If these results are correct, why would the prediction from GR not be well approximated by Newtonian gravity despite the dimensional analysis argument, which is often used to approximate the relative magnitude of relativistic corrections, suggesting that it should? It does concern me that similar arguments made all over physics could be crude/erroneous in some non-trivial way.
 A: I read Cooperstock & Tieu (2006) and will discuss it a bit.
Before getting started, we should remember that galactic rotation curves are not the only evidence for dark matter.  Gravitational lensing surveys and measurements of the cosmic microwave background both point to the existence of dark matter.  And all three (rot. curves, lensing, CMB) agree on the approximate ratio of baryonic matter to dark matter.  When a single model can explain multiple phenomena, that is strong evidence in favor of the model.
Background
The Newtonian gravity is a good model for motion around a point mass in the weak field, slow speed limit: $\frac{GM}{r}\sim v^2\ll 1$ (in units where $c=1$).  Starting from the Schwarzschild metric, one can take the appropriate limit and get Newtonian gravity.
Newtonian gravity is a linear theory, so the gravitational potential due to multiple point masses is the same as the sum of the individual gravitational fields.  This is because the field equation is a linear differential equation:
$$ \nabla^2 \varphi = 4\pi G \rho,$$
where $\varphi$ is the potential and $\rho$ is the mass density.
The usual method to determine the rotation curve of a galaxy with Newtonian gravity relies on a few assumptions: the gravitational field is weak, the galactic material is moving slowly.  There's also a hidden assumption that non-linear effects from GR are small.  This is true for 2-body dynamics, where you can track the appearance of non-linear terms in the post-Newtonian expansion.
A relativistic galactic model
Instead of modeling the galaxy as a collection of Newtonian point masses all orbiting their collective center of mass, Cooperstock & Tieu want to start with a fully relativistic, rotating cloud of dust.  This is related to the van Stockum dust metric.  Then they can take an appropriate limit of the relativistic system to get rotation curves.  If the Newtonian assumption was right all along, then their method should give the same result as the Newtonian one.  But they get something different.
The metric for their rotating dust contains non-zero, off-diagonal terms in $g_{t\phi}$.  This is the same type of term that results in frame dragging in the Kerr metric.  They define the important part of that off-diagonal term as $N$.  If all of the terms containing $N$'s were suppressed by one of the small factors, $\frac{GM}{r}$ or $v^2$, then none of this would matter.  To first order, Newtonian gravity would be fine.  Cooperstock & Tieu say that that is not the case.  The off-diagonal term $N$ matters.

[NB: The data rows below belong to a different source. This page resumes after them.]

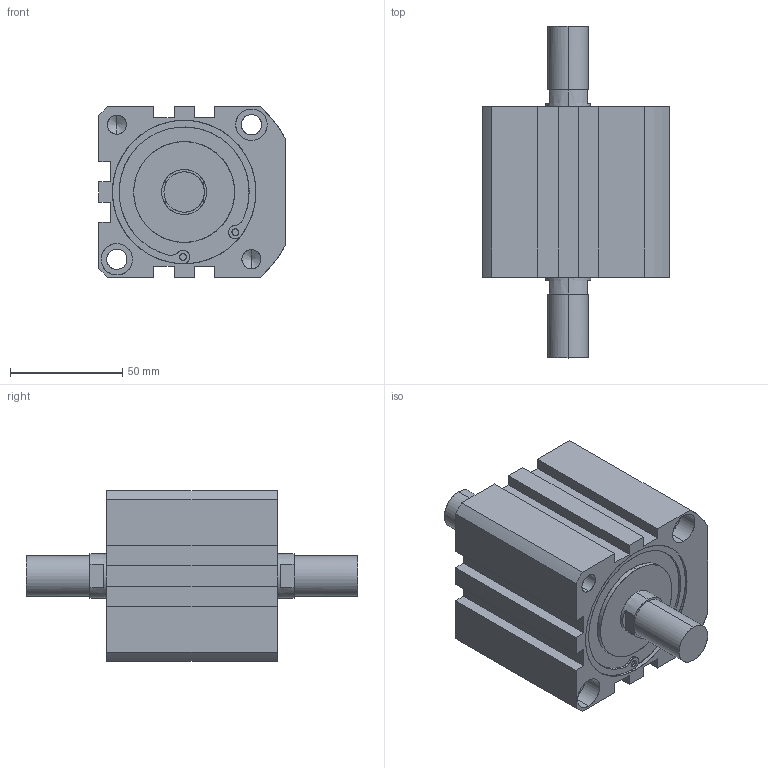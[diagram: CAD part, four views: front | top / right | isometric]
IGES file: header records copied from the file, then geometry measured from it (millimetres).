
Start section: SolidWorks IGES file using analytic representation for surfaces
Global section: file name: C:\Users\Toshiba\Desktop\XG#M7-63D-10.IGS; native system: SolidWorks 2014; preprocessor: SolidWorks 2014; author: Toshiba; date: 160524.102510; units: millimetre
Bounding box: 83 x 148 x 76 mm (x, y, z)
Surface area: 53041 mm2 (no closed solid volume)
Topology: 0 solids, 0 shells, 149 faces, 2738 edges, 2726 vertices
Faces by surface type: revolution 85, bspline 64

The contribution of $N$ is non-linear.  You can't just add up the gravitational contribution from each dust particle to get the answer using Newtonian gravity.
Did they make a mistake?
The second half of the paper attempts to address concerns from other scholars.  There are a lot of concerns, and much of them are quite technical.  Without digging into the whole thing in more detail I can't tell for sure who is right.
The most convincing criticism to me is that the authors didn't start from the true, fully relativistic metric, but jumped ahead to an already approximate, weak field state.  Bratek et al (2006) claim that there is no Newtonian limit to a fully relativistic stationary, axisymmetric, and asymptotically flat spacetime of dust.  So the whole endeavor is flawed from the start.
Another common criticism is that their solution has a discontinuity in $\frac{\partial N}{\partial z}$ at $z=0$.  This leads to a singular surface, basically a thin sheet of mass, rendering the whole thing unphysical.  The mass distribution isn't really just dust, there's some exotic matter in the $z=0$ plane.  Cooperstock & Tieu argue this is a mathematical artifact, not a real problem.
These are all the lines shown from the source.